Step 1: Run Your First Eval

# Install mcpjam
npm install -g @mcpjam/cli

# Clone The Web MCP repo
git clone https://github.com/brightdata/brightdata-mcp-sse.git
cd brightdata-mcp-sse

# Configure your API keys in mcp-evals/llms.json
# Configure your Bright Data token in server configs

# Run e-commerce evals
mcpjam evals run \
  -t mcp-evals/tool-groups.json/tool-groups.ecommerce.json \
  -e mcp-evals/server-configs/server-config.ecommerce.json \
  -l mcp-evals/llms.json

Step 2: Access the Observability Dashboard

Sign up at Bright Data
Navigate to MCP Usage in the Control Panel
Deploy an agent and watch real-time usage data appear

Step 3: Iterate

Use evals to test configurations. Use the dashboard to monitor production. Rinse and repeat.

Resources

MCP Evaluations:

mcpjam GitHub — Official evaluation CLI
Model Context Protocol — Official MCP specification

Observability Dashboard:

Bright Data Control Panel — Access your usage dashboard
API Documentation — Full API reference

The Web MCP Server:

GitHub Repository — Open-source server code
NPM Package — Install via npm

Launch Week Recap:

Day 1: Tool Groups — Eliminate context pollution
Day 2: Custom Tools — Surgical tool selection
Day 3: Token Optimization — Maximize efficiency
Day 4: Enterprise Integrations — Break down silos
Day 5: Evals & Observability — Measure what matters (you are here)

Launch Week: A Final Word

Five days.
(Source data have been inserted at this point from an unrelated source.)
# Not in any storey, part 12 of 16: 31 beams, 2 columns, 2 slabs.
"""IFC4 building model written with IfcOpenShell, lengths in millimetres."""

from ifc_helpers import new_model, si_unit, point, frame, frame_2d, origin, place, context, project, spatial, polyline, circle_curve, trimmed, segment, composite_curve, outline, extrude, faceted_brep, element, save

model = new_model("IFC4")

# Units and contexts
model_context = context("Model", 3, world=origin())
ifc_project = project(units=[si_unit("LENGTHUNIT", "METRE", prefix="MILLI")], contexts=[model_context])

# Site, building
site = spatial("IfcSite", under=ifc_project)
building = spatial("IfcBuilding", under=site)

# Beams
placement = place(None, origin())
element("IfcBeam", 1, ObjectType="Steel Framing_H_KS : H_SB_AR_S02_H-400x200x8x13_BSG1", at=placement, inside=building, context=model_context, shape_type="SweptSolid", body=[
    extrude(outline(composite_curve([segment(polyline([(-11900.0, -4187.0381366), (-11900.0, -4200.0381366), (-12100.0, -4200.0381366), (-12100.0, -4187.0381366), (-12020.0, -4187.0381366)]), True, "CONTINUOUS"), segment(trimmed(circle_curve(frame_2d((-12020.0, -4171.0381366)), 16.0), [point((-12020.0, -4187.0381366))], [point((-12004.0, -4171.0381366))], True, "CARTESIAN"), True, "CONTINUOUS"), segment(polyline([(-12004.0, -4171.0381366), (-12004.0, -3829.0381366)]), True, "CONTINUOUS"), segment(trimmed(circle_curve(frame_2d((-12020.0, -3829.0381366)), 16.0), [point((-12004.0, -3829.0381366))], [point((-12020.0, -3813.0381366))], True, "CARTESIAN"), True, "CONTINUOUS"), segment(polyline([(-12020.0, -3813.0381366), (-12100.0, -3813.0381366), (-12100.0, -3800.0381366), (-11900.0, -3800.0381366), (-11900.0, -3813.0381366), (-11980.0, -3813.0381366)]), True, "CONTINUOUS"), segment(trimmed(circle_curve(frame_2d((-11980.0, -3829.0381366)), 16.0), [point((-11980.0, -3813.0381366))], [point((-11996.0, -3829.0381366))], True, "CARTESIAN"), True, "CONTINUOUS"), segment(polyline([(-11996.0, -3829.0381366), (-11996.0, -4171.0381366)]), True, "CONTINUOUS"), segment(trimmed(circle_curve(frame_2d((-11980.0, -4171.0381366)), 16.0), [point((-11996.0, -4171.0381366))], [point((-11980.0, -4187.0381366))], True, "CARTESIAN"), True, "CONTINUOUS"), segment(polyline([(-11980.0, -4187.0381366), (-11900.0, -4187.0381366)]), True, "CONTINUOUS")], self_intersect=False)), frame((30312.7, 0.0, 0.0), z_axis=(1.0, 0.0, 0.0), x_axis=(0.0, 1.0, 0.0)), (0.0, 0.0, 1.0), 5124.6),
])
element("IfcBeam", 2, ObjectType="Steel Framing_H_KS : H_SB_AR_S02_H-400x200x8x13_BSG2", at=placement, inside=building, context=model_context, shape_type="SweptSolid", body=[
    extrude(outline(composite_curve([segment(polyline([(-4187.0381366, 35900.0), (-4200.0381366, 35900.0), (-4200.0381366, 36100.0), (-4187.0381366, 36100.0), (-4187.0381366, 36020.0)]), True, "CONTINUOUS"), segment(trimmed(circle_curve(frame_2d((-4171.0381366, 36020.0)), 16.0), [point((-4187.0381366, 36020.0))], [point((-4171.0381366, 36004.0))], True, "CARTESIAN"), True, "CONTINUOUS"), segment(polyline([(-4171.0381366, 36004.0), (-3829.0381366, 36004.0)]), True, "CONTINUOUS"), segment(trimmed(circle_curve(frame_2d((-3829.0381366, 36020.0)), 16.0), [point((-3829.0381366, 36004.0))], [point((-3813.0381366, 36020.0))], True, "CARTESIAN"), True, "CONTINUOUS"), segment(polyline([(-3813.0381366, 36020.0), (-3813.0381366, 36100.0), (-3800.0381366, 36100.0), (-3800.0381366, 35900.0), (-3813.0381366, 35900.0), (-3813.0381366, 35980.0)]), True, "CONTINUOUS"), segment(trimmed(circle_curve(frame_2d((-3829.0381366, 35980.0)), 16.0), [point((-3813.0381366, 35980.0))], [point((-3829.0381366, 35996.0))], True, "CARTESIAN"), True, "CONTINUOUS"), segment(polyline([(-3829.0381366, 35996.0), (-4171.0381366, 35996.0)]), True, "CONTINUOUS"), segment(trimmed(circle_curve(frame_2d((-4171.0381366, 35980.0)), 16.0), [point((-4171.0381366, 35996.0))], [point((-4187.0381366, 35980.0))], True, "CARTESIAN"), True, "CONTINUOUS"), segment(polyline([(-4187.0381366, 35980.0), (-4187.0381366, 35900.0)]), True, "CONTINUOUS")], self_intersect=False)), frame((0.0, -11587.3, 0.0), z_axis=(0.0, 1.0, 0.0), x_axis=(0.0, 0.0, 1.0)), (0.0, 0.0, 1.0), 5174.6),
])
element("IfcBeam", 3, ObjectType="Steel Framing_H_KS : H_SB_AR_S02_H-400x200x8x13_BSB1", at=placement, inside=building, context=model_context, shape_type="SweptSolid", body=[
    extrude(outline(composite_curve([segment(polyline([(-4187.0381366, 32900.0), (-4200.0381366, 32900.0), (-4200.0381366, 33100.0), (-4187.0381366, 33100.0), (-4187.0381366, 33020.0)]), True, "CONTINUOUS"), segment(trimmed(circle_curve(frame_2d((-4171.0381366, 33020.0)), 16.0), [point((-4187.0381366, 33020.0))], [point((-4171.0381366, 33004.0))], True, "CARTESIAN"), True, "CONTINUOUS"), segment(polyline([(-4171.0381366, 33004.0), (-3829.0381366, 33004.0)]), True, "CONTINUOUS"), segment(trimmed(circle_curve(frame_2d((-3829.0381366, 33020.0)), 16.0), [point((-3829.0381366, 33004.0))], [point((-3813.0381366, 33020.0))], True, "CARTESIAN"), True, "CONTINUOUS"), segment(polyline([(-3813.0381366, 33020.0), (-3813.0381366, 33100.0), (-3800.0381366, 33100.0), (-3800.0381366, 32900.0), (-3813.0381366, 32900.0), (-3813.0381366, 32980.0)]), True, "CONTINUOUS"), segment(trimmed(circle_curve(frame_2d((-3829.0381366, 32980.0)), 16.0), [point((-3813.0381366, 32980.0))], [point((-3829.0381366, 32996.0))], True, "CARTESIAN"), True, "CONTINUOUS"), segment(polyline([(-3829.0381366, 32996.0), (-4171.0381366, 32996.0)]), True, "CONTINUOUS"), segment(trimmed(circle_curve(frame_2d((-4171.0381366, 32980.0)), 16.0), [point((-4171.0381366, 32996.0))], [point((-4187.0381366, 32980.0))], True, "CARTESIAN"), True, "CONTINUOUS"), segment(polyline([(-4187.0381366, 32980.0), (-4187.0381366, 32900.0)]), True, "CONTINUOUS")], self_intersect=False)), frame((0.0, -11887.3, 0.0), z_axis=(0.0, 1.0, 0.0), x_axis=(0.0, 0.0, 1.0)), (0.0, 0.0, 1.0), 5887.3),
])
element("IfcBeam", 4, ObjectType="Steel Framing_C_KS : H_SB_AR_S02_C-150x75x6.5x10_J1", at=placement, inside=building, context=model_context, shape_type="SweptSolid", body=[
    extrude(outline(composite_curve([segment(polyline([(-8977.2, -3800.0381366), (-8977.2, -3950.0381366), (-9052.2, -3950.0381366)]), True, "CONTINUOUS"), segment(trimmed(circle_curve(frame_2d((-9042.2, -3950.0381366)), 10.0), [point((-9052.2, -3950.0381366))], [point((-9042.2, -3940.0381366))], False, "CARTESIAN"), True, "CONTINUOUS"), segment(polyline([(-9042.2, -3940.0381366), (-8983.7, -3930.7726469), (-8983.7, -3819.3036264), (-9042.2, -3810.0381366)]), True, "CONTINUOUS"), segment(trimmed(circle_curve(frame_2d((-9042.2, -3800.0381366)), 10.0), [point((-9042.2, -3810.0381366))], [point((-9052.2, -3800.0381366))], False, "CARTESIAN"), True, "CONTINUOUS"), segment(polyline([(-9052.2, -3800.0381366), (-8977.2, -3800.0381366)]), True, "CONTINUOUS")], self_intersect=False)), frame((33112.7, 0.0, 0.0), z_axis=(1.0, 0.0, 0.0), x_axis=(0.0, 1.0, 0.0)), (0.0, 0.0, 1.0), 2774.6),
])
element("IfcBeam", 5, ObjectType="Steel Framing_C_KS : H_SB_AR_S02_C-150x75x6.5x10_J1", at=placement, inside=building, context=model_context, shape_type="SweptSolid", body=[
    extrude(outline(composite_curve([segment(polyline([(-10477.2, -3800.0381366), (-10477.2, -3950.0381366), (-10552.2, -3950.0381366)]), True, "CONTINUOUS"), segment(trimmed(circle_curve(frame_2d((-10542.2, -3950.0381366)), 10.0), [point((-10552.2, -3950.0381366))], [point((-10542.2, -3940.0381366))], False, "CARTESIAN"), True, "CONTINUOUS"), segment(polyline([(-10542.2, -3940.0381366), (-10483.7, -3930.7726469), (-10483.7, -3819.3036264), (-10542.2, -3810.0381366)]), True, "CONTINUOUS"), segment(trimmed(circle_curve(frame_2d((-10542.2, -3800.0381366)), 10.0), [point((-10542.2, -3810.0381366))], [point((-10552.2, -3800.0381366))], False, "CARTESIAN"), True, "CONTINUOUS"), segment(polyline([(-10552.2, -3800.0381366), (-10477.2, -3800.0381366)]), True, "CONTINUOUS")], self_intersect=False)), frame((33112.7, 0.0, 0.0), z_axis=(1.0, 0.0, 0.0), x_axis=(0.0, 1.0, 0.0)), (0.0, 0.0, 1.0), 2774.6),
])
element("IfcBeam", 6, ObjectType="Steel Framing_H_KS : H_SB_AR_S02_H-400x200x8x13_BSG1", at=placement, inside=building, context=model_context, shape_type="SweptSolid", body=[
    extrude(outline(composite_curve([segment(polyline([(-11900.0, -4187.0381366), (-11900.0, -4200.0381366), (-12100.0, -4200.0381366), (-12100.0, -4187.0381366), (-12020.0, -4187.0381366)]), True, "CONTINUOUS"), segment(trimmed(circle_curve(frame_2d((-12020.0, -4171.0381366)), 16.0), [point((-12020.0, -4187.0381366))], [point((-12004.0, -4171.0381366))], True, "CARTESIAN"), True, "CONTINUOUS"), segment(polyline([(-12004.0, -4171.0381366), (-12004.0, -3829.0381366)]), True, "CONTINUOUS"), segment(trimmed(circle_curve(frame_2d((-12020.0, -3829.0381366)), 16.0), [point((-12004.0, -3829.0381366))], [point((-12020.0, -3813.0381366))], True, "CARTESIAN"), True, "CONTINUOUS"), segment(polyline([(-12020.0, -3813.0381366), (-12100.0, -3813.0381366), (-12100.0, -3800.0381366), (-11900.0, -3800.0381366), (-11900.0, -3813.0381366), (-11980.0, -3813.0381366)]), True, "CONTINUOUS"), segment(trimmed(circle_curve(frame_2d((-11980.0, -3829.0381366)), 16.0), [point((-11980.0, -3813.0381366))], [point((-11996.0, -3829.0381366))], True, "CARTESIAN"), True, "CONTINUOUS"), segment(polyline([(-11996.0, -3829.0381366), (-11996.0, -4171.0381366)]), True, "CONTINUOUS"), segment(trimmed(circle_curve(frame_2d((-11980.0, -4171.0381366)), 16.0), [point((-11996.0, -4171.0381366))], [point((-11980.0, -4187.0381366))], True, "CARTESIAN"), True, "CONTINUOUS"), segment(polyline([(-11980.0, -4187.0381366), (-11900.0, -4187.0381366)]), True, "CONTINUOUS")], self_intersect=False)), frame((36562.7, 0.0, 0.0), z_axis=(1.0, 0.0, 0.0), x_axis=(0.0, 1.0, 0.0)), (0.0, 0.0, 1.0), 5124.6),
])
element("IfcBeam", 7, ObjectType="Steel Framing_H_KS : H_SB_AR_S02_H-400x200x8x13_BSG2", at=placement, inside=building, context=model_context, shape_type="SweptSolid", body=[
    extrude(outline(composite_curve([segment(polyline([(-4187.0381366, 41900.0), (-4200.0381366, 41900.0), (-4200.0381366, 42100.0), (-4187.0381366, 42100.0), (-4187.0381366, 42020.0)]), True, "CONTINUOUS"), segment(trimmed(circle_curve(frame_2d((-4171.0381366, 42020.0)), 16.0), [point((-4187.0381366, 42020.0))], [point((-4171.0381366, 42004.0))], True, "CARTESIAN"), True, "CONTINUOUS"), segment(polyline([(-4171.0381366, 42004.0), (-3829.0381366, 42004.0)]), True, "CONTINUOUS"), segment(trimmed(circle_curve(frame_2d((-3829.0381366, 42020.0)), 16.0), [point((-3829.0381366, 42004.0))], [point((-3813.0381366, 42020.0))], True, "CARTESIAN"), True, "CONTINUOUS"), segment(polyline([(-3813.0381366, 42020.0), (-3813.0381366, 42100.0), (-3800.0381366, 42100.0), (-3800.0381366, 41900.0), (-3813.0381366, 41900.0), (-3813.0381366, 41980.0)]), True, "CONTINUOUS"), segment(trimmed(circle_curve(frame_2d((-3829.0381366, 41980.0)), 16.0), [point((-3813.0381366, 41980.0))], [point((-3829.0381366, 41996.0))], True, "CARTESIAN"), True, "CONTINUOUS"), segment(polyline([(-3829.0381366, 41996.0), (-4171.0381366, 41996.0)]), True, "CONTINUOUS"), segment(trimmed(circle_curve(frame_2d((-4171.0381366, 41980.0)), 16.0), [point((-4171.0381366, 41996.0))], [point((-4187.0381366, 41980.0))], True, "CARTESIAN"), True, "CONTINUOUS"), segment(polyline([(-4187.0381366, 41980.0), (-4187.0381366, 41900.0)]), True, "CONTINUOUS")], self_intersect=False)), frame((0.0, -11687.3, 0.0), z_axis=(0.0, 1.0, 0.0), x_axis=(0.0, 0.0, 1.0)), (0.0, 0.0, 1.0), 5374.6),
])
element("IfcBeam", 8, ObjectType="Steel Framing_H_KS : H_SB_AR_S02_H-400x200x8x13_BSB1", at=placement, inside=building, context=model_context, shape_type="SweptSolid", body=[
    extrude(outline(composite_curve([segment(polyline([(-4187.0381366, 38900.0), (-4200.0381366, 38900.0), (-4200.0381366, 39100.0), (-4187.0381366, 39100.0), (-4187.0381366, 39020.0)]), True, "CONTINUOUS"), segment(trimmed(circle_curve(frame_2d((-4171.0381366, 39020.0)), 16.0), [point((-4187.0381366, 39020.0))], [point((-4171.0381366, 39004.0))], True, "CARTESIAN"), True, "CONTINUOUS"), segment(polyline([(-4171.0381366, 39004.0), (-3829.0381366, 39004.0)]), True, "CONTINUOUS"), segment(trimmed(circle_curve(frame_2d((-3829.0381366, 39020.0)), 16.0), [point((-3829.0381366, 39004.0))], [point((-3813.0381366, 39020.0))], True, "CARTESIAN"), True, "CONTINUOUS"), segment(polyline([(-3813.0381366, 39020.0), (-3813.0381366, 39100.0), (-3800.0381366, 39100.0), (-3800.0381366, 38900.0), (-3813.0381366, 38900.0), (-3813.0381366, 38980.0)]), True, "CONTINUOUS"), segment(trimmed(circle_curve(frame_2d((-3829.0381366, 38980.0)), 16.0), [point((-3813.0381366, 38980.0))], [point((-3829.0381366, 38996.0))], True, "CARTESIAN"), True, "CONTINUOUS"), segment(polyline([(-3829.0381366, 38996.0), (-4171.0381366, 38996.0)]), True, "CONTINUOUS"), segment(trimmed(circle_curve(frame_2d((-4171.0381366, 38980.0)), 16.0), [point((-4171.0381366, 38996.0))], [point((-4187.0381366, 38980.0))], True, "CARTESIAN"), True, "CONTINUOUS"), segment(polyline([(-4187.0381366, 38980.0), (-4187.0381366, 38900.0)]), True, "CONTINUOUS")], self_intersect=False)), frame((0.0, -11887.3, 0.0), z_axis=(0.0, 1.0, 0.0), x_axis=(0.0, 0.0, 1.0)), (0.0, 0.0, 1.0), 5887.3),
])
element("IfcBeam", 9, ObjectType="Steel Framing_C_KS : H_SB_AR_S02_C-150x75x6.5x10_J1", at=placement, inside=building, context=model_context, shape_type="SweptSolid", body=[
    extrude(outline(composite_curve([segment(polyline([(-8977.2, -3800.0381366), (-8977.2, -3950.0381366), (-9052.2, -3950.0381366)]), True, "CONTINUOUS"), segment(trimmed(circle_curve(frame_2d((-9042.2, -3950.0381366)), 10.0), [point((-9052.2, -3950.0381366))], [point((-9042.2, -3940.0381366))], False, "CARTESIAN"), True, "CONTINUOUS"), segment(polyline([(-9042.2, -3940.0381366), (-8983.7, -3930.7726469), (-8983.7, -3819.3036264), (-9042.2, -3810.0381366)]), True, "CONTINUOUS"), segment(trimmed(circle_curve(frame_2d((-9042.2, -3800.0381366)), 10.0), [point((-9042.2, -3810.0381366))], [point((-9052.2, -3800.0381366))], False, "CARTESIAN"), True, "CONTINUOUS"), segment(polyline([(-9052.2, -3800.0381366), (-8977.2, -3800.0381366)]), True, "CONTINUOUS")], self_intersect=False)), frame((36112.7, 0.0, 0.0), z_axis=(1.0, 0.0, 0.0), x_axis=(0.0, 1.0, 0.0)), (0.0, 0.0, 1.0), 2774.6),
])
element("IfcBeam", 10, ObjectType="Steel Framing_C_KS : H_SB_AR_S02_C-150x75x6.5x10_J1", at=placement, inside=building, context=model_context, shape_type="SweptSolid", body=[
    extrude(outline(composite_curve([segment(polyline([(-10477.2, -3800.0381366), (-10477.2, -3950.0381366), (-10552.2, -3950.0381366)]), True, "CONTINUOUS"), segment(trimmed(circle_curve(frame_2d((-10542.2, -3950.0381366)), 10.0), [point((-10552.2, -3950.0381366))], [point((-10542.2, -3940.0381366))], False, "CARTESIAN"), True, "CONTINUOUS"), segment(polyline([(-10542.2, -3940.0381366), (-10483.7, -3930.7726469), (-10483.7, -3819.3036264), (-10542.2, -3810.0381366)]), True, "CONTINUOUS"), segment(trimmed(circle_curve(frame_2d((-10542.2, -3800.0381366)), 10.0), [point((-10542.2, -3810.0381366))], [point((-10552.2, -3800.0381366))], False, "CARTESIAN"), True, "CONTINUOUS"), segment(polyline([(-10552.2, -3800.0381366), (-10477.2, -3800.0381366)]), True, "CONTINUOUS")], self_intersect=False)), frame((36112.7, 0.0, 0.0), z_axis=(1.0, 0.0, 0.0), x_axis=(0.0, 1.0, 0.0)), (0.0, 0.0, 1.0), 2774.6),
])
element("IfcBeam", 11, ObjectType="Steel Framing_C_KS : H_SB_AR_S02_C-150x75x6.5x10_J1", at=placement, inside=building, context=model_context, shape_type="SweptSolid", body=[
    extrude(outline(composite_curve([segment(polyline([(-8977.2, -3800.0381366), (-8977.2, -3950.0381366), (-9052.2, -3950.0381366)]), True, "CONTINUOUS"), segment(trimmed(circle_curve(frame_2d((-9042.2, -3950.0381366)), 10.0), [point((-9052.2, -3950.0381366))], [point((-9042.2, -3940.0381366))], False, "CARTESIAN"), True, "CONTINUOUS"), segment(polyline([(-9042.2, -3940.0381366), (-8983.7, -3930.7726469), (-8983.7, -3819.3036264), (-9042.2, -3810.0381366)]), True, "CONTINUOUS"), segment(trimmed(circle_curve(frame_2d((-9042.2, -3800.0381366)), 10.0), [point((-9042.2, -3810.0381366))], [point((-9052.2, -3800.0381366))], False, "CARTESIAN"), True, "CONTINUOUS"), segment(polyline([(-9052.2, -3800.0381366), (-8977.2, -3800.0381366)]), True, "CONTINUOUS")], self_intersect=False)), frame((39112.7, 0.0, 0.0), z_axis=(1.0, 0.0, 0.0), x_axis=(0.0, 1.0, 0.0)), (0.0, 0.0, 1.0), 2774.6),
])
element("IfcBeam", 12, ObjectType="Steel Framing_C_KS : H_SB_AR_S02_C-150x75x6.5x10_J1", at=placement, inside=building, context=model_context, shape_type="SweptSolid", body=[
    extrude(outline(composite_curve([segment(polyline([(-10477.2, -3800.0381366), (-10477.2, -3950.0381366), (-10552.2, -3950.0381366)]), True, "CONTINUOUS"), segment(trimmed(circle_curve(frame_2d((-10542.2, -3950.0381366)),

Five major releases. One mission: Make AI Agents Production-Ready.

We started with the insight that context pollution is the biggest bottleneck in agentic workflows. We gave you Tool Groups to scope your context.

Then we realized even groups aren’t precise enough. We shipped Custom Tools for surgical precision.

Next, we tackled the output side: token-bloated responses. We integrated markdown stripping via Strip-Markdown and intelligent payload cleaning with Parsed Light.

After that, we brought Bright Data to the platforms enterprises actually use: Google ADK, IBM watsonx, Databricks, and Snowflake.

And today, we closed the loop with evaluations and observability. Because you can’t improve what you can’t measure.

This is the full stack for production AI agents:

Tool Groups → Reduce context pollution
Custom Tools → Maximize precision
Token Optimization → Minimize costs
Enterprise Integrations → Deploy anywhere
Evals + Observability → Maintain quality

Thank You

To everyone who followed along this week: thank you.

To the developers building the next generation of AI agents: we can’t wait to see what you build.

To the enterprises deploying AI at scale: we’re here to make it reliable.

And to the open-source community that made MCP possible: this is just the beginning.

Let’s build the future of AI together.